Confused by these instructions, Fuller had to read them several more times before they finally sank in.

He had been exclusively involved with the submarine borne vertical-launch missile system for over a year now. Why they would want to abruptly change the direction of his study now was beyond him. The only thing that he could think of was that something awfully important must have been on top of that Titan when it went down. And now the military was desperately depending upon them to get it back.

He had worked with the Air Force on a single past occasion. As it turned out, this had also been the last time he had worked with a DSRV. The incident had involved the crash of one of the Air Force’s most sophisticated jet fighters. The F-15 Eagle had gone down in the ocean off the coast of southern California, near the beach town of Carlsbad. It must have been packed with top-secret hardware, for no sooner had the aircraft settled into the sand of the continental shelf than the orders asking for his assistance had arrived at Nose headquarters in San Diego. An hour later, he had been on his way to the crash site by helicopter.

It had apparently been his expertise in the field of ocean currents and seafloor topography that had attracted the Air Force to him in the first place. The F-15 had been subsequently recovered, and Fuller had soon been back in San Diego resuming his work in advanced naval weaponry.

Since then, this study had been his exclusive domain.

But now the orders from the CNO would once again abruptly divert him. Somewhat disappointed that he wouldn’t be present to examine the initial evidence regarding the failure of the Tomahawk launch, Fuller knew that he was powerless to express his displeasure. His country needed his expertise elsewhere. As in the past, he would not let it down.

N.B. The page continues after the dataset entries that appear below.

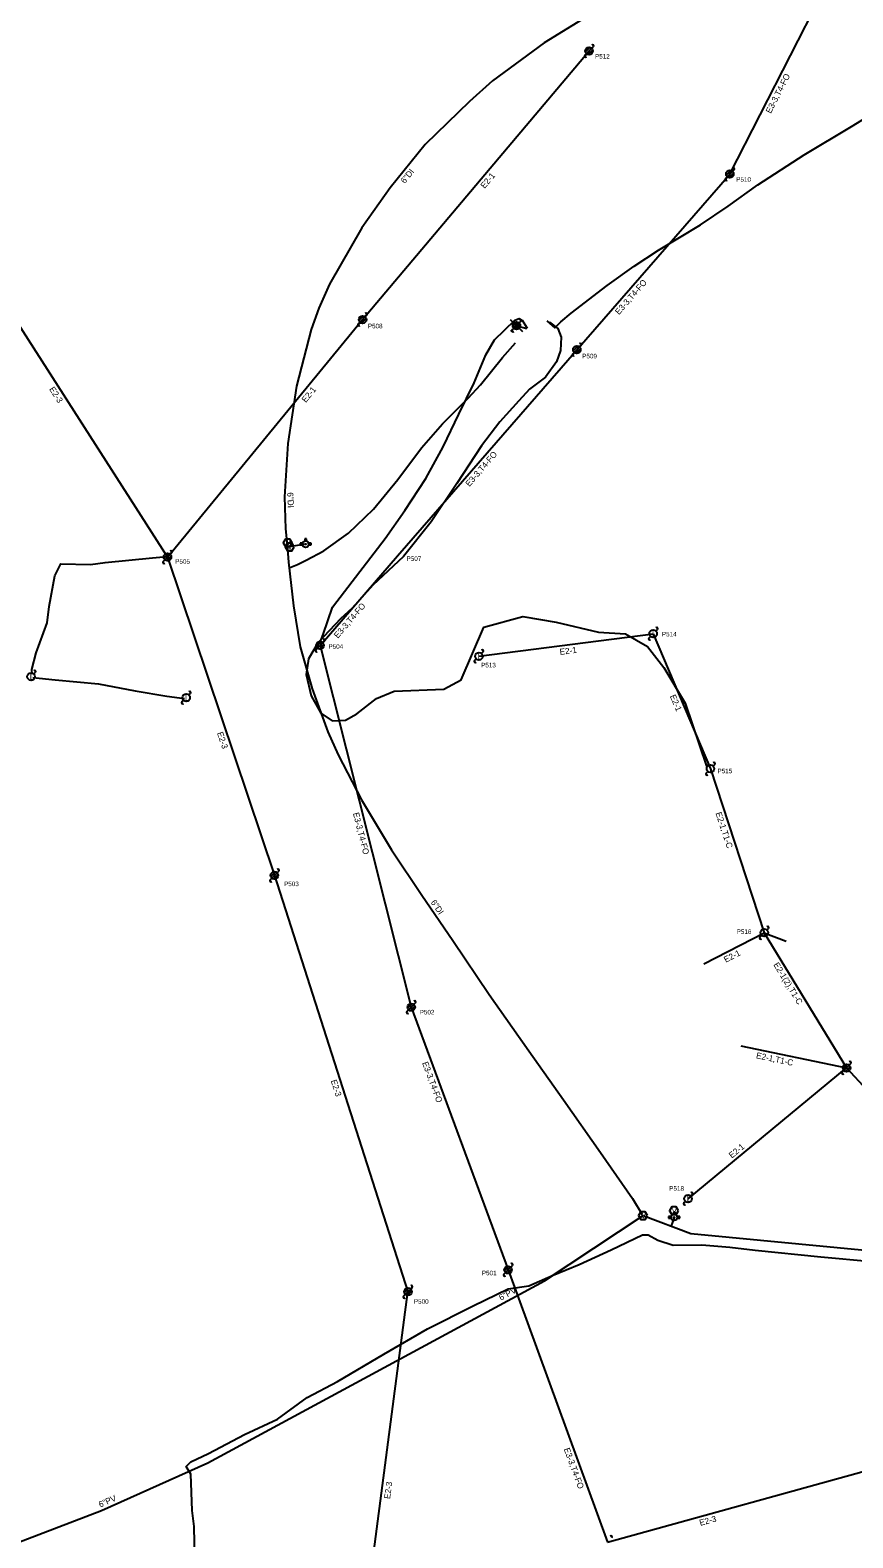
# Model space of a CAD drawing. Extents: x 1741604 to 1825760, y 1164229 to 1194908.
# Drawn here: x 1812735 to 1813275, y 1190349 to 1191338 of the extents above; entities that cross this region are included whole.
import ezdxf

# ---------------------------------------------------------------- set-up
doc = ezdxf.new("R2010")
doc.units = 0
for name, color, linetype in [('RD_EX_SU_Elec', 7, 'Continuous'), ('RD_EX_SU_H2O', 7, 'Continuous'), ('RD_EX_SU_Ovhd', 7, 'Continuous'), ('RD_EX_SU_Pole', 7, 'Continuous'), ('RD_EX_SU_Telecom', 7, 'Continuous'), ('RD_EX_SU_TX_H2O', 7, 'Continuous'), ('RD_EX_SU_TX_Pole', 7, 'Continuous')]:
    doc.layers.add(name, color=color, linetype=linetype)

# ---------------------------------------------------------------- blocks, each defined once
blk = doc.blocks.new('SUE_WV')
at = {"layer": 'RD_EX_SU_H2O'}
blk.add_lwpolyline([(2.89, 0), (1.44, 2.5), (-1.44, 2.5), (-2.89, 0), (-1.44, -2.5), (1.44, -2.5)], close=True, dxfattribs=at)
blk.add_text('V', height=3.75, dxfattribs=at).set_placement((-1.43, -1.88))
blk = doc.blocks.new('SUE_WFH')
at = {"layer": 'RD_EX_SU_H2O'}
for p, q in [((-2.01, 0.6), (-3.65, 0.6)), ((-3.65, 0.6), (-3.65, -0.45)), ((-0.48, 3.38), (-0.48, 2.04)), ((0.57, 3.38), (-0.48, 3.38)), ((0.57, 2.02), (0.57, 3.38)), ((3.7, 0.6), (2.01, 0.6)), ((3.7, -0.45), (3.7, 0.6)), ((-3.65, -0.45), (-2.05, -0.45)), ((2.05, -0.45), (3.7, -0.45))]:
    blk.add_line(p, q, dxfattribs=at)
for radius in [2.1, 0.263]:
    blk.add_circle((0, 0), radius, dxfattribs=at)
for start, end in [(163.3387, 192.31502), (74.24552, 103.21276), (347.68498, 16.6613)]:
    blk.add_arc((0, 0), 2.1, start, end, dxfattribs=at)
blk = doc.blocks.new('SUE_PGP')
at = {"layer": 'RD_EX_SU_Pole'}
for p, q in [((-1.06, 1.06), (-3.89, 3.89)), ((1.02, 1.12), (3.86, 3.96)), ((-1.11, -1.04), (-3.94, -3.87)), ((1.06, -1.06), (3.89, -3.89))]:
    blk.add_line(p, q, dxfattribs=at)
for points in [[(0, -2.12), (2.12, 0), (0, 2.12), (-2.12, 0)], [(0, -0.71), (0.71, 0), (0, 0.71), (-0.71, 0)]]:
    blk.add_lwpolyline(points, close=True, dxfattribs=at)
blk = doc.blocks.new('SUE_PP')
at = {"layer": 'RD_EX_SU_Pole'}
for p, q in [((-2.41, -0.65), (0.65, 2.41)), ((-1.77, -1.77), (1.77, 1.77)), ((-0.65, -2.41), (2.41, 0.65)), ((1.77, 1.77), (2.83, 2.83)), ((-2.83, -2.83), (-1.77, -1.77))]:
    blk.add_line(p, q, dxfattribs=at)
blk.add_circle((0, 0), 2.5, dxfattribs=at)
for centre, start, end in [((2.3, 3.36), 315, 135), ((-2.3, -3.36), 135, 315)]:
    blk.add_arc(centre, 0.75, start, end, dxfattribs=at)

msp = doc.modelspace()

# ---------------------------------------------------------------- linework, layer by layer
at = {"layer": 'RD_EX_SU_Elec'}
msp.add_line((1813054.62, 1191144.08), (1813061.12, 1191142.13), dxfattribs=at)
for points in [[(1813074.17, 1191147.22), (1813079.49, 1191142.73), (1813083.35, 1191146.53), (1813090.24, 1191152.3), (1813113.65, 1191170.54), (1813131.4, 1191183.04), (1813147.43, 1191193.7), (1813174.94, 1191210.3), (1813193.18, 1191222.5), (1813212.55, 1191236.51), (1813242.91, 1191256.26), (1813274.11, 1191274.83), (1813305.14, 1191293.76), (1813336.93, 1191314.29), (1813359.03, 1191328.39), (1813379.8, 1191342.76), (1813412.74, 1191364.15), (1813434.94, 1191378.63), (1813468.04, 1191399.22), (1813497.48, 1191419.37)], [(1812925.66, 1190935.15), (1812925.93, 1190937.58), (1812927.41, 1190941.39), (1812933.54, 1190959.29), (1812946.44, 1190976.3), (1812968.14, 1191004.38), (1812981.01, 1191022.74), (1812994.73, 1191043.72), (1813006.27, 1191064.6), (1813016.36, 1191085.94), (1813026.46, 1191106.6), (1813034.21, 1191124.91), (1813039.85, 1191134.84), (1813053.21, 1191147.79), (1813056.02, 1191148.81), (1813057.96, 1191147.72), (1813061.21, 1191142.37)], [(1812736.46, 1190915.41), (1812736.35, 1190918.55), (1812739.18, 1190929.32), (1812746.36, 1190949.03), (1812747.66, 1190959.89), (1812751.44, 1190980.01), (1812755.26, 1190987.79), (1812774.8, 1190987.36), (1812784.49, 1190988.75), (1812815.44, 1190991.73), (1812825.05, 1190992.69)], [(1812737.08, 1190913.27), (1812751.66, 1190911.7), (1812779.98, 1190909), (1812804.11, 1190904.54), (1812824.79, 1190901.05), (1812836.37, 1190899.52)]]:
    msp.add_lwpolyline(points, dxfattribs=at)
at = {"layer": 'RD_EX_SU_H2O'}
for p, q in [((1812914.82, 1191000.41), (1812903.88, 1190998.72)), ((1813072.65, 1190517.33), (1813137.28, 1190560.13)), ((1813157.74, 1190558.93), (1813155.64, 1190553.29)), ((1812851.86, 1190397.83), (1813072.65, 1190517.33)), ((1812782.06, 1190366.57), (1812851.86, 1190397.83)), ((1812695.37, 1190333.45), (1812782.06, 1190366.57))]:
    msp.add_line(p, q, dxfattribs=at)
for points in [[(1813137.28, 1190560.13), (1813168.69, 1190548.44), (1813548.05, 1190512.01), (1813709.49, 1190513.95), (1813790.71, 1190529.92), (1813879.02, 1190555.32), (1814045.36, 1190620.16), (1814170.98, 1190673.34), (1814340.25, 1190745.39), (1814593.33, 1190851.84), (1815112.4, 1191071.44), (1815429.86, 1191203.06), (1815618.35, 1191283.39), (1815883.49, 1191395.05), (1816374.39, 1191600.1)], [(1813105.92, 1191350.16), (1813072.42, 1191329.64), (1813038.59, 1191304.8), (1813023.51, 1191291.19), (1812994.25, 1191262.94), (1812971.3, 1191234.61), (1812952.71, 1191208.35), (1812931.66, 1191171.39), (1812924.71, 1191155.63), (1812919.62, 1191141.53), (1812910.03, 1191104.46), (1812904.33, 1191066.74), (1812901.98, 1191031.81), (1812902.81, 1191010.72), (1812903.77, 1190999.96), (1812904.72, 1190988.78), (1812907.9, 1190960.34), (1812912.27, 1190933.34), (1812920.22, 1190905.86), (1812930.45, 1190877.55), (1812937.38, 1190862.36), (1812952.67, 1190833.02), (1812972.35, 1190800.03), (1812992.14, 1190770.43), (1813012.42, 1190740.61), (1813036.45, 1190705.28), (1813062.33, 1190668.32), (1813085.13, 1190635.98), (1813109.45, 1190601.5), (1813130.33, 1190571.33), (1813136.74, 1190560.89)], [(1812905.12, 1190985.21), (1812910.61, 1190987.27), (1812916.33, 1190990.09), (1812927.91, 1190996.33), (1812944.09, 1191007.99), (1812960.51, 1191023.77), (1812976.45, 1191043.03), (1812991.91, 1191064), (1813005.62, 1191079.71), (1813022.46, 1191096.52), (1813030.66, 1191105.18), (1813045.15, 1191123.21), (1813053.52, 1191132.79)]]:
    msp.add_lwpolyline(points, dxfattribs=at)
at = {"layer": 'RD_EX_SU_Ovhd'}
for p, q in [((1813194.23, 1191243.55), (1813271.75, 1191395.47)), ((1812953.27, 1191148.1), (1813101.89, 1191324.36)), ((1813093.85, 1191128.3), (1813194.23, 1191243.55)), ((1812690.54, 1191202.47), (1812825.32, 1190992.22)), ((1812825.32, 1190992.22), (1812953.27, 1191148.1)), ((1812976.19, 1190993.08), (1813093.85, 1191128.3)), ((1812825.32, 1190992.22), (1812895.48, 1190783.31)), ((1812925.38, 1190934.22), (1812976.19, 1190993.08)), ((1813029.59, 1190927.16), (1813143.93, 1190941.93)), ((1813143.93, 1190941.93), (1813181.53, 1190853.31)), ((1812925.38, 1190934.22), (1812985.23, 1190696.86)), ((1813181.53, 1190853.31), (1813216.82, 1190745.69)), ((1812895.48, 1190783.31), (1812983.08, 1190510.11)), ((1813177.22, 1190725.31), (1813216.82, 1190745.69)), ((1813216.82, 1190745.69), (1813270.85, 1190657.03)), ((1813216.82, 1190745.69), (1813231.16, 1190740.26)), ((1812985.23, 1190696.86), (1813048.73, 1190524.49)), ((1813201.55, 1190671.56), (1813270.85, 1190657.03)), ((1813166.86, 1190571.19), (1813270.85, 1190657.03)), ((1813270.85, 1190657.03), (1813369.89, 1190548.84)), ((1813048.73, 1190524.49), (1813113.89, 1190345.79)), ((1812956.62, 1190307.89), (1812983.08, 1190510.11)), ((1813113.89, 1190345.79), (1813303.67, 1190398.31))]:
    msp.add_line(p, q, dxfattribs=at)
at = {"layer": 'RD_EX_SU_Pole'}
for p, q in [((1812950.86, 1191147.45), (1812953.92, 1191150.52)), ((1812951.5, 1191146.33), (1812955.04, 1191149.87)), ((1812955.04, 1191149.87), (1812956.1, 1191150.93)), ((1812950.44, 1191145.27), (1812951.5, 1191146.33)), ((1812952.62, 1191145.69), (1812955.69, 1191148.75)), ((1813051.46, 1191141.26), (1813052.52, 1191142.32)), ((1813056.05, 1191145.86), (1813057.11, 1191146.92)), ((1813091.44, 1191127.66), (1813094.5, 1191130.72)), ((1813092.08, 1191126.54), (1813095.62, 1191130.07)), ((1813095.62, 1191130.07), (1813096.68, 1191131.13)), ((1813091.02, 1191125.48), (1813092.08, 1191126.54)), ((1813093.2, 1191125.89), (1813096.26, 1191128.95)), ((1813145.7, 1190943.7), (1813146.76, 1190944.76)), ((1813141.1, 1190939.1), (1813142.16, 1190940.16)), ((1813026.76, 1190924.34), (1813027.82, 1190925.4)), ((1813031.36, 1190928.93), (1813032.42, 1190929.99)), ((1812737.6, 1190915.55), (1812738.66, 1190916.61)), ((1812839.35, 1190901.74), (1812840.41, 1190902.8)), ((1812834.75, 1190897.14), (1812835.82, 1190898.2)), ((1813183.3, 1190855.08), (1813184.36, 1190856.14)), ((1813178.7, 1190850.48), (1813179.76, 1190851.54)), ((1812893.07, 1190782.67), (1812896.13, 1190785.73)), ((1812893.71, 1190781.54), (1812897.25, 1190785.08)), ((1812894.83, 1190780.9), (1812897.9, 1190783.96)), ((1812897.25, 1190785.08), (1812898.31, 1190786.14)), ((1812892.65, 1190780.48), (1812893.71, 1190781.54)), ((1813218.59, 1190747.46), (1813219.65, 1190748.52)), ((1813214, 1190742.86), (1813215.06, 1190743.92)), ((1812982.4, 1190694.03), (1812983.46, 1190695.09)), ((1812982.81, 1190696.21), (1812985.87, 1190699.27)), ((1812983.46, 1190695.09), (1812986.99, 1190698.62)), ((1812984.58, 1190694.44), (1812987.64, 1190697.5)), ((1812986.99, 1190698.62), (1812988.06, 1190699.68)), ((1813268.02, 1190654.2), (1813269.08, 1190655.26)), ((1813268.43, 1190656.38), (1813271.49, 1190659.44)), ((1813269.08, 1190655.26), (1813272.62, 1190658.79)), ((1813270.2, 1190654.61), (1813273.26, 1190657.67)), ((1813272.62, 1190658.79), (1813273.68, 1190659.85)), ((1813164.03, 1190568.36), (1813165.09, 1190569.42)), ((1813168.63, 1190572.95), (1813169.69, 1190574.01)), ((1813046.31, 1190523.84), (1813049.38, 1190526.9)), ((1813050.5, 1190526.26), (1813051.56, 1190527.32)), ((1813045.9, 1190521.66), (1813046.96, 1190522.72)), ((1813046.96, 1190522.72), (1813050.5, 1190526.26)), ((1813048.08, 1190522.07), (1813051.14, 1190525.13)), ((1812980.25, 1190507.28), (1812981.31, 1190508.34)), ((1812980.66, 1190509.47), (1812983.73, 1190512.53)), ((1812981.31, 1190508.34), (1812984.85, 1190511.88)), ((1812982.43, 1190507.7), (1812985.49, 1190510.76)), ((1812984.85, 1190511.88), (1812985.91, 1190512.94))]:
    msp.add_line(p, q, dxfattribs=at)
for centre in [(1812953.27, 1191148.1), (1813054.28, 1191144.09), (1813093.85, 1191128.3), (1813143.93, 1190941.93), (1813029.59, 1190927.16), (1812735.83, 1190913.78), (1812837.58, 1190899.97), (1813181.53, 1190853.31), (1812895.48, 1190783.31), (1813216.82, 1190745.69), (1812985.23, 1190696.86), (1813270.85, 1190657.03), (1813166.86, 1190571.19), (1813048.73, 1190524.49), (1812983.08, 1190510.11)]:
    msp.add_circle(centre, 2.5, dxfattribs=at)
for centre, start, end in [((1812955.57, 1191151.46), 315, 135), ((1812950.97, 1191144.74), 135, 315), ((1813051.99, 1191140.73), 135, 315), ((1813056.58, 1191147.45), 315, 135), ((1813096.15, 1191131.66), 315, 135), ((1813091.55, 1191124.95), 135, 315), ((1813146.23, 1190945.29), 315, 135), ((1813141.63, 1190938.57), 135, 315), ((1813027.29, 1190923.81), 135, 315), ((1813031.89, 1190930.52), 315, 135), ((1812738.13, 1190917.14), 315, 135), ((1812839.88, 1190903.33), 315, 135), ((1812835.29, 1190896.61), 135, 315), ((1813183.83, 1190856.67), 315, 135), ((1813179.23, 1190849.95), 135, 315), ((1812897.78, 1190786.67), 315, 135), ((1812893.18, 1190779.95), 135, 315), ((1813219.12, 1190749.05), 315, 135), ((1813214.53, 1190742.33), 135, 315), ((1812987.52, 1190700.21), 315, 135), ((1812982.93, 1190693.5), 135, 315), ((1813273.15, 1190660.38), 315, 135), ((1813268.55, 1190653.67), 135, 315), ((1813164.56, 1190567.83), 135, 315), ((1813169.16, 1190574.54), 315, 135), ((1813051.03, 1190527.85), 315, 135), ((1813046.43, 1190521.13), 135, 315), ((1812980.78, 1190506.75), 135, 315), ((1812985.38, 1190513.47), 315, 135), ((1813116.18, 1190349.15), 315, 135)]:
    msp.add_arc(centre, 0.75, start, end, dxfattribs=at)
at = {"layer": 'RD_EX_SU_Telecom'}
for points in [[(1813075.9, 1191146.33), (1813081.3, 1191142.15), (1813083.55, 1191136.56), (1813083.24, 1191127.84), (1813080.5, 1191120.38), (1813073.28, 1191110.36), (1813062.89, 1191102.36), (1813055.91, 1191094.76), (1813043.44, 1191081), (1813031.41, 1191065.15), (1813015.23, 1191040.42), (1812998.32, 1191015.31), (1812980.22, 1190992.54), (1812959.95, 1190973.83), (1812946.46, 1190958.73), (1812938.9, 1190951.72), (1812924.12, 1190936.1), (1812917.86, 1190925.37), (1812916.27, 1190915.24), (1812919.56, 1190901.15), (1812926.01, 1190889.87), (1812933.35, 1190884.66), (1812942.01, 1190885.22), (1812949.54, 1190889.36), (1812962.53, 1190899.38), (1812974.09, 1190904.33), (1813006.52, 1190905.51), (1813018.03, 1190911.57), (1813032.81, 1190946.23), (1813058.51, 1190953.13), (1813080.19, 1190949.43), (1813108.15, 1190942.89), (1813125.68, 1190941.79), (1813140.18, 1190933.53), (1813150.93, 1190919.8), (1813164.87, 1190896.42), (1813178.87, 1190854.96), (1813180.8, 1190856.48)], [(1812843.31, 1190334.58), (1812842.75, 1190356.11), (1812841.42, 1190366.51), (1812840.59, 1190390.42), (1812837.48, 1190395.41), (1812840.66, 1190398.61), (1812852.12, 1190404.08), (1812875.87, 1190416.36), (1812897.57, 1190426.53), (1812916.88, 1190440.82), (1812936.9, 1190451.18), (1812967.26, 1190469.26), (1812995.95, 1190485.89), (1813025.82, 1190500.91), (1813048.78, 1190512.13), (1813062.4, 1190514.02), (1813078.27, 1190521.04), (1813095.35, 1190528.08), (1813116.42, 1190537.55), (1813136.88, 1190547.43), (1813140.56, 1190547.51), (1813147.1, 1190543.96), (1813157.02, 1190540.71), (1813175.86, 1190540.85), (1813194.32, 1190539.29), (1813210.75, 1190537.41), (1813253.99, 1190533.12), (1813320.8, 1190526.93)]]:
    msp.add_lwpolyline(points, dxfattribs=at)

# ---------------------------------------------------------------- block references
at = {"layer": 'RD_EX_SU_H2O'}
for name, p in [('SUE_WV', (1812904.19, 1191001.56)), ('SUE_WV', (1812905.45, 1190998.86)), ('SUE_WFH', (1812915.91, 1191000.71)), ('SUE_WV', (1813137.28, 1190560.13)), ('SUE_WFH', (1813157.74, 1190558.93)), ('SUE_WV', (1813157.57, 1190563.31))]:
    msp.add_blockref(name, p, dxfattribs=at)
at = {"layer": 'RD_EX_SU_Pole'}
for name, p in [('SUE_PP', (1813101.89, 1191324.36)), ('SUE_PP', (1813194.23, 1191243.55)), ('SUE_PGP', (1813054.28, 1191144.09)), ('SUE_PP', (1812825.32, 1190992.22)), ('SUE_PP', (1812925.38, 1190934.22))]:
    msp.add_blockref(name, p, dxfattribs=at)

# ---------------------------------------------------------------- texts
at = {"layer": 'RD_EX_SU_Ovhd'}
for s, rotation, p in [('E3-3,T4-FO', 62.96633, (1813221.1, 1191283.01)), ('E2-1', 49.86372, (1813033.33, 1191233.75)), ('E3-3,T4-FO', 48.94298, (1813121.52, 1191150.94)), ('E2-3', 302.66164, (1812747.54, 1191102.43)), ('E2-1', 50.62054, (1812916.02, 1191093.27)), ('E3-3,T4-FO', 48.97352, (1813023.37, 1191038.16)), ('E3-3,T4-FO', 49.19565, (1812937.09, 1190938.6)), ('E2-1', 7.35969, (1813082.85, 1190927.99)), ('E2-1', 292.99281, (1813154.79, 1190900.98)), ('E2-3', 288.56486, (1812857.77, 1190876.74)), ('E3-3,T4-FO', 284.15221, (1812946.96, 1190824.09)), ('E2-1,T1-C', 288.15656, (1813184.78, 1190824.14)), ('E2-1', 27.23403, (1813191.58, 1190725.95)), ('E2-1(2),T1-C', 301.35324, (1813222.64, 1190724.75)), ('E2-1,T1-C', 348.15334, (1813211.21, 1190663.4)), ('E3-3,T4-FO', 290.22448, (1812992.31, 1190660.26)), ('E2-3', 287.7778, (1812932.38, 1190648.59)), ('E2-1', 39.53964, (1813195.55, 1190597.46)), ('E3-3,T4-FO', 290.03299, (1813085.23, 1190406.87)), ('E2-3', 82.54595, (1812971.32, 1190373.96)), ('E2-3', 15.46791, (1813174.89, 1190356.45))]:
    msp.add_text(s, height=4, rotation=rotation, dxfattribs=at).set_placement(p)
at = {"layer": 'RD_EX_SU_Pole'}
for p in [(1813053.42, 1191142.09), (1813143.07, 1190939.93), (1813028.73, 1190925.16), (1812734.97, 1190911.78), (1812836.72, 1190897.97), (1813180.67, 1190851.31), (1813215.96, 1190743.69), (1813166, 1190569.19)]:
    msp.add_text('L', height=4, dxfattribs=at).set_placement(p)
at = {"layer": 'RD_EX_SU_TX_H2O'}
for s, rotation, p in [('6"DI', 50.98109, (1812980.99, 1191237.04)), ('6"DI', 272.24662, (1812903.87, 1191034.63)), ('6"DI', 304.21746, (1812997.82, 1190765.63)), ('6"PV', 28.42425, (1813044.09, 1190504.15)), ('6"PV', 24.12307, (1812781.2, 1190368.38))]:
    msp.add_text(s, height=4, rotation=rotation, dxfattribs=at).set_placement(p)
at = {"layer": 'RD_EX_SU_TX_Pole'}
for s, p in [('P512', (1813105.78, 1191319.32)), ('P510', (1813198.44, 1191238.52)), ('P508', (1812956.75, 1191142.35)), ('P509', (1813097.37, 1191122.63)), ('P507', (1812982.16, 1190989.71)), ('P505', (1812830.39, 1190987.83)), ('P514', (1813149.67, 1190940.15)), ('P504', (1812930.91, 1190932.02)), ('P513', (1813031.06, 1190919.83)), ('P515', (1813186.1, 1190850.37)), ('P503', (1812901.79, 1190776.28)), ('P516', (1813198.7, 1190744.92)), ('P502', (1812990.75, 1190692.09)), ('P518', (1813154.5, 1190576.43)), ('P501', (1813031.51, 1190520.92)), ('P500', (1812986.97, 1190502.22))]:
    msp.add_text(s, height=3, dxfattribs=at).set_placement(p)

doc.saveas('drawing.dxf')

Even as his eyes strayed to the lucite chart of the channel of water between the islands of Kauai and Niihau, his mind was already searching for any information that he might have picked up regarding the ocean off Vandenberg. Most aware that those waters sported dangerous reefs and treacherous currents, he knew that he would need the special bathymetric chart book that sat in his library back in San Diego. He was already visualizing the main currents influencing central California’s coastline when word arrived that the first load of the Providence’s crew had safely made it back to the Sea Devil.